> **EXERCISE AIM**
With the line containing "#46793 = DIRECTION" as the start and the line containing "#51225 = DIRECTION" as the end, transcribe that span of the entries below exactly, including both.

> **DATA PROVIDED**
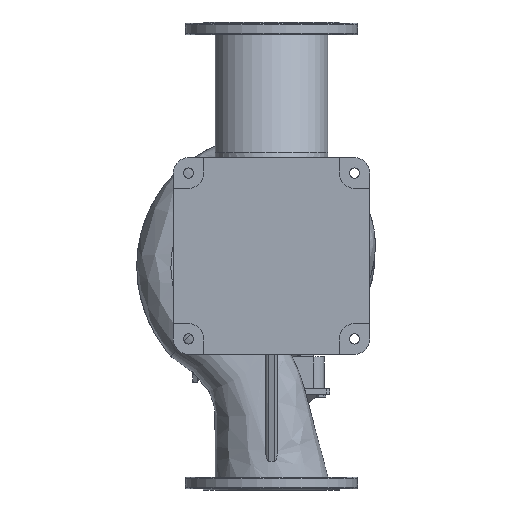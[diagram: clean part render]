
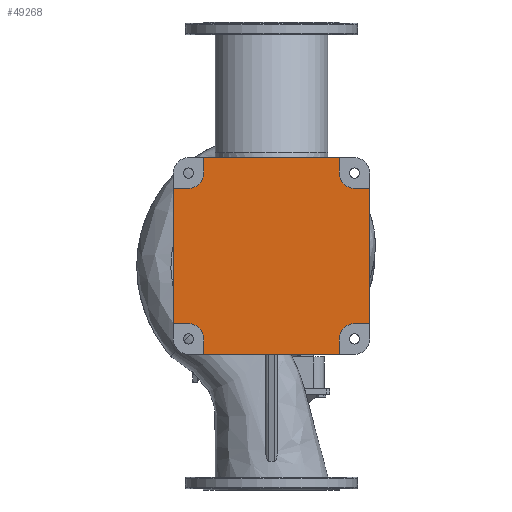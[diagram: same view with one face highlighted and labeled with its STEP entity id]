
A CAD part, front view. The second image highlights one B-rep face of the part: STEP entity #49268.
In plain terms, the highlighted planar face has unit normal (0, -1, 0).
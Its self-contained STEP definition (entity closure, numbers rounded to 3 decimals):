
#39 = CARTESIAN_POINT ( 'NONE',  ( -195., -295., 195. ) ) ;
#340 = DIRECTION ( 'NONE',  ( 0., 0., -1. ) ) ;
#499 = ORIENTED_EDGE ( 'NONE', *, *, #36492, .T. ) ;
#745 = LINE ( 'NONE', #54891, #11259 ) ;
#934 = VERTEX_POINT ( 'NONE', #48178 ) ;
#1391 = CARTESIAN_POINT ( 'NONE',  ( -159., -295., 195. ) ) ;
#1758 = VERTEX_POINT ( 'NONE', #56057 ) ;
#2570 = CARTESIAN_POINT ( 'NONE',  ( -195., -295., -159. ) ) ;
#3009 = EDGE_CURVE ( 'NONE', #41840, #21774, #10824, .T. ) ;
#3875 = CARTESIAN_POINT ( 'NONE',  ( 195., -295., 159. ) ) ;
#4035 = ORIENTED_EDGE ( 'NONE', *, *, #52931, .T. ) ;
#5711 = DIRECTION ( 'NONE',  ( 0., 0., 1. ) ) ;
#6484 = ORIENTED_EDGE ( 'NONE', *, *, #22947, .T. ) ;
#6561 = VECTOR ( 'NONE', #16383, 1000. ) ;
#7406 = VECTOR ( 'NONE', #56355, 1000. ) ;
#7668 = AXIS2_PLACEMENT_3D ( 'NONE', #39, #12871, #66692 ) ;
#8424 = LINE ( 'NONE', #61824, #7406 ) ;
#8876 = VECTOR ( 'NONE', #52955, 1000. ) ;
#9402 = LINE ( 'NONE', #56181, #6561 ) ;
#10091 = LINE ( 'NONE', #3875, #31673 ) ;
#10248 = DIRECTION ( 'NONE',  ( 1., 0., 0. ) ) ;
#10824 = LINE ( 'NONE', #17054, #44365 ) ;
#11245 = CARTESIAN_POINT ( 'NONE',  ( 159., -295., -231. ) ) ;
#11259 = VECTOR ( 'NONE', #340, 1000. ) ;
#11502 = LINE ( 'NONE', #11906, #12051 ) ;
#11906 = CARTESIAN_POINT ( 'NONE',  ( -195., -295., 159. ) ) ;
#12051 = VECTOR ( 'NONE', #66091, 1000. ) ;
#12777 = CARTESIAN_POINT ( 'NONE',  ( -159., -295., -195. ) ) ;
#12871 = DIRECTION ( 'NONE',  ( 0., 1., 0. ) ) ;
#13618 = LINE ( 'NONE', #37398, #16286 ) ;
#14595 = CARTESIAN_POINT ( 'NONE',  ( 159., -295., 195. ) ) ;
#15241 = VERTEX_POINT ( 'NONE', #68410 ) ;
#15699 = ORIENTED_EDGE ( 'NONE', *, *, #46932, .T. ) ;
#16286 = VECTOR ( 'NONE', #61171, 1000. ) ;
#16383 = DIRECTION ( 'NONE',  ( 0., 0., -1. ) ) ;
#16503 = PLANE ( 'NONE',  #29481 ) ;
#16683 = AXIS2_PLACEMENT_3D ( 'NONE', #70964, #46793, #17543 ) ;
#17054 = CARTESIAN_POINT ( 'NONE',  ( 159., -295., 195. ) ) ;
#17543 = DIRECTION ( 'NONE',  ( 0., 0., 1. ) ) ;
#18687 = EDGE_CURVE ( 'NONE', #64090, #71915, #57495, .T. ) ;
#20024 = VERTEX_POINT ( 'NONE', #73127 ) ;
#20859 = DIRECTION ( 'NONE',  ( 1., 0., 0. ) ) ;
#21774 = VERTEX_POINT ( 'NONE', #57305 ) ;
#22272 = VERTEX_POINT ( 'NONE', #58028 ) ;
#22315 = LINE ( 'NONE', #46859, #23065 ) ;
#22725 = DIRECTION ( 'NONE',  ( 0., 1., 0. ) ) ;
#22889 = DIRECTION ( 'NONE',  ( 0., 0., 1. ) ) ;
#22947 = EDGE_CURVE ( 'NONE', #21774, #72008, #33949, .T. ) ;
#23065 = VECTOR ( 'NONE', #10248, 1000. ) ;
#24251 = ORIENTED_EDGE ( 'NONE', *, *, #60638, .T. ) ;
#27628 = VERTEX_POINT ( 'NONE', #1391 ) ;
#28009 = DIRECTION ( 'NONE',  ( -1., 0., 0. ) ) ;
#28025 = EDGE_CURVE ( 'NONE', #30332, #44078, #8424, .T. ) ;
#28863 = ORIENTED_EDGE ( 'NONE', *, *, #59876, .T. ) ;
#29481 = AXIS2_PLACEMENT_3D ( 'NONE', #57842, #22725, #51225 ) ;
#29997 = DIRECTION ( 'NONE',  ( 0., 0., -1. ) ) ;
#30332 = VERTEX_POINT ( 'NONE', #67911 ) ;
#30730 = EDGE_CURVE ( 'NONE', #44078, #32994, #68566, .T. ) ;
#31673 = VECTOR ( 'NONE', #28009, 1000. ) ;
#32668 = EDGE_CURVE ( 'NONE', #15241, #47989, #22315, .T. ) ;
#32994 = VERTEX_POINT ( 'NONE', #58472 ) ;
#33276 = FACE_OUTER_BOUND ( 'NONE', #69984, .T. ) ;
#33752 = ORIENTED_EDGE ( 'NONE', *, *, #52943, .T. ) ;
#33949 = LINE ( 'NONE', #63608, #8876 ) ;
#34498 = CIRCLE ( 'NONE', #59398, 36. ) ;
#34535 = CARTESIAN_POINT ( 'NONE',  ( 195., -295., -195. ) ) ;
#34982 = ORIENTED_EDGE ( 'NONE', *, *, #32668, .T. ) ;
#36225 = ORIENTED_EDGE ( 'NONE', *, *, #52307, .T. ) ;
#36259 = ORIENTED_EDGE ( 'NONE', *, *, #44601, .T. ) ;
#36262 = CARTESIAN_POINT ( 'NONE',  ( -159., -295., 195. ) ) ;
#36492 = EDGE_CURVE ( 'NONE', #934, #64090, #9402, .T. ) ;
#37398 = CARTESIAN_POINT ( 'NONE',  ( 159., -295., -195. ) ) ;
#37970 = VECTOR ( 'NONE', #20859, 1000. ) ;
#38160 = DIRECTION ( 'NONE',  ( 0., 0., 1. ) ) ;
#40345 = EDGE_CURVE ( 'NONE', #60072, #15241, #745, .T. ) ;
#41840 = VERTEX_POINT ( 'NONE', #14595 ) ;
#43520 = CARTESIAN_POINT ( 'NONE',  ( -159., -295., 231. ) ) ;
#44065 = VECTOR ( 'NONE', #38160, 1000. ) ;
#44078 = VERTEX_POINT ( 'NONE', #44807 ) ;
#44365 = VECTOR ( 'NONE', #22889, 1000. ) ;
#44601 = EDGE_CURVE ( 'NONE', #22272, #30332, #34498, .T. ) ;
#44807 = CARTESIAN_POINT ( 'NONE',  ( 231., -295., -159. ) ) ;
#46525 = CARTESIAN_POINT ( 'NONE',  ( -195., -295., -195. ) ) ;
#46793 = DIRECTION ( 'NONE',  ( 0., 1., 0. ) ) ;
#46859 = CARTESIAN_POINT ( 'NONE',  ( 159., -295., -231. ) ) ;
#46932 = EDGE_CURVE ( 'NONE', #27628, #20024, #64918, .T. ) ;
#47989 = VERTEX_POINT ( 'NONE', #11245 ) ;
#48092 = ORIENTED_EDGE ( 'NONE', *, *, #75163, .T. ) ;
#48178 = CARTESIAN_POINT ( 'NONE',  ( -231., -295., 159. ) ) ;
#48303 = ORIENTED_EDGE ( 'NONE', *, *, #18687, .T. ) ;
#49268 = ADVANCED_FACE ( 'NONE', ( #33276 ), #16503, .F. ) ;
#50224 = CARTESIAN_POINT ( 'NONE',  ( 231., -295., 159. ) ) ;
#50302 = CIRCLE ( 'NONE', #16683, 36. ) ;
#50646 = ORIENTED_EDGE ( 'NONE', *, *, #3009, .T. ) ;
#51225 = DIRECTION ( 'NONE',  ( 1., 0., 0. ) ) ;
#52307 = EDGE_CURVE ( 'NONE', #20024, #934, #11502, .T. ) ;
#52931 = EDGE_CURVE ( 'NONE', #72008, #27628, #59271, .T. ) ;
#52943 = EDGE_CURVE ( 'NONE', #1758, #41840, #50302, .T. ) ;
#52955 = DIRECTION ( 'NONE',  ( -1., 0., 0. ) ) ;
#54891 = CARTESIAN_POINT ( 'NONE',  ( -159., -295., -195. ) ) ;
#54898 = ORIENTED_EDGE ( 'NONE', *, *, #28025, .T. ) ;
#56057 = CARTESIAN_POINT ( 'NONE',  ( 195., -295., 159. ) ) ;
#56181 = CARTESIAN_POINT ( 'NONE',  ( -231., -295., -159. ) ) ;
#56355 = DIRECTION ( 'NONE',  ( 1., 0., 0. ) ) ;
#57305 = CARTESIAN_POINT ( 'NONE',  ( 159., -295., 231. ) ) ;
#57495 = LINE ( 'NONE', #2570, #37970 ) ;
#57842 = CARTESIAN_POINT ( 'NONE',  ( -195., -295., -195. ) ) ;
#58028 = CARTESIAN_POINT ( 'NONE',  ( 159., -295., -195. ) ) ;
#58472 = CARTESIAN_POINT ( 'NONE',  ( 231., -295., 159. ) ) ;
#59271 = LINE ( 'NONE', #36262, #61489 ) ;
#59398 = AXIS2_PLACEMENT_3D ( 'NONE', #34535, #77052, #5711 ) ;
#59876 = EDGE_CURVE ( 'NONE', #32994, #1758, #10091, .T. ) ;
#60072 = VERTEX_POINT ( 'NONE', #12777 ) ;
#60357 = ORIENTED_EDGE ( 'NONE', *, *, #40345, .T. ) ;
#60638 = EDGE_CURVE ( 'NONE', #71915, #60072, #75211, .T. ) ;
#60671 = CARTESIAN_POINT ( 'NONE',  ( -195., -295., -159. ) ) ;
#61171 = DIRECTION ( 'NONE',  ( 0., 0., 1. ) ) ;
#61489 = VECTOR ( 'NONE', #29997, 1000. ) ;
#61824 = CARTESIAN_POINT ( 'NONE',  ( 195., -295., -159. ) ) ;
#63608 = CARTESIAN_POINT ( 'NONE',  ( -159., -295., 231. ) ) ;
#64090 = VERTEX_POINT ( 'NONE', #70493 ) ;
#64918 = CIRCLE ( 'NONE', #7668, 36. ) ;
#66091 = DIRECTION ( 'NONE',  ( -1., 0., 0. ) ) ;
#66692 = DIRECTION ( 'NONE',  ( 0., 0., 1. ) ) ;
#67911 = CARTESIAN_POINT ( 'NONE',  ( 195., -295., -159. ) ) ;
#68410 = CARTESIAN_POINT ( 'NONE',  ( -159., -295., -231. ) ) ;
#68566 = LINE ( 'NONE', #50224, #44065 ) ;
#69189 = DIRECTION ( 'NONE',  ( 0., 1., 0. ) ) ;
#69938 = DIRECTION ( 'NONE',  ( 0., 0., 1. ) ) ;
#69984 = EDGE_LOOP ( 'NONE', ( #24251, #60357, #34982, #48092, #36259, #54898, #76163, #28863, #33752, #50646, #6484, #4035, #15699, #36225, #499, #48303 ) ) ;
#70245 = AXIS2_PLACEMENT_3D ( 'NONE', #46525, #69189, #69938 ) ;
#70493 = CARTESIAN_POINT ( 'NONE',  ( -231., -295., -159. ) ) ;
#70964 = CARTESIAN_POINT ( 'NONE',  ( 195., -295., 195. ) ) ;
#71915 = VERTEX_POINT ( 'NONE', #60671 ) ;
#72008 = VERTEX_POINT ( 'NONE', #43520 ) ;
#73127 = CARTESIAN_POINT ( 'NONE',  ( -195., -295., 159. ) ) ;
#75163 = EDGE_CURVE ( 'NONE', #47989, #22272, #13618, .T. ) ;
#75211 = CIRCLE ( 'NONE', #70245, 36. ) ;
#76163 = ORIENTED_EDGE ( 'NONE', *, *, #30730, .T. ) ;
#77052 = DIRECTION ( 'NONE',  ( 0., 1., 0. ) ) ;

> **SOLUTION FOR THIS PROBLEM**
#46793 = DIRECTION ( 'NONE',  ( 0., 1., 0. ) ) ;
#46859 = CARTESIAN_POINT ( 'NONE',  ( 159., -295., -231. ) ) ;
#46932 = EDGE_CURVE ( 'NONE', #27628, #20024, #64918, .T. ) ;
#47989 = VERTEX_POINT ( 'NONE', #11245 ) ;
#48092 = ORIENTED_EDGE ( 'NONE', *, *, #75163, .T. ) ;
#48178 = CARTESIAN_POINT ( 'NONE',  ( -231., -295., 159. ) ) ;
#48303 = ORIENTED_EDGE ( 'NONE', *, *, #18687, .T. ) ;
#49268 = ADVANCED_FACE ( 'NONE', ( #33276 ), #16503, .F. ) ;
#50224 = CARTESIAN_POINT ( 'NONE',  ( 231., -295., 159. ) ) ;
#50302 = CIRCLE ( 'NONE', #16683, 36. ) ;
#50646 = ORIENTED_EDGE ( 'NONE', *, *, #3009, .T. ) ;
#51225 = DIRECTION ( 'NONE',  ( 1., 0., 0. ) ) ;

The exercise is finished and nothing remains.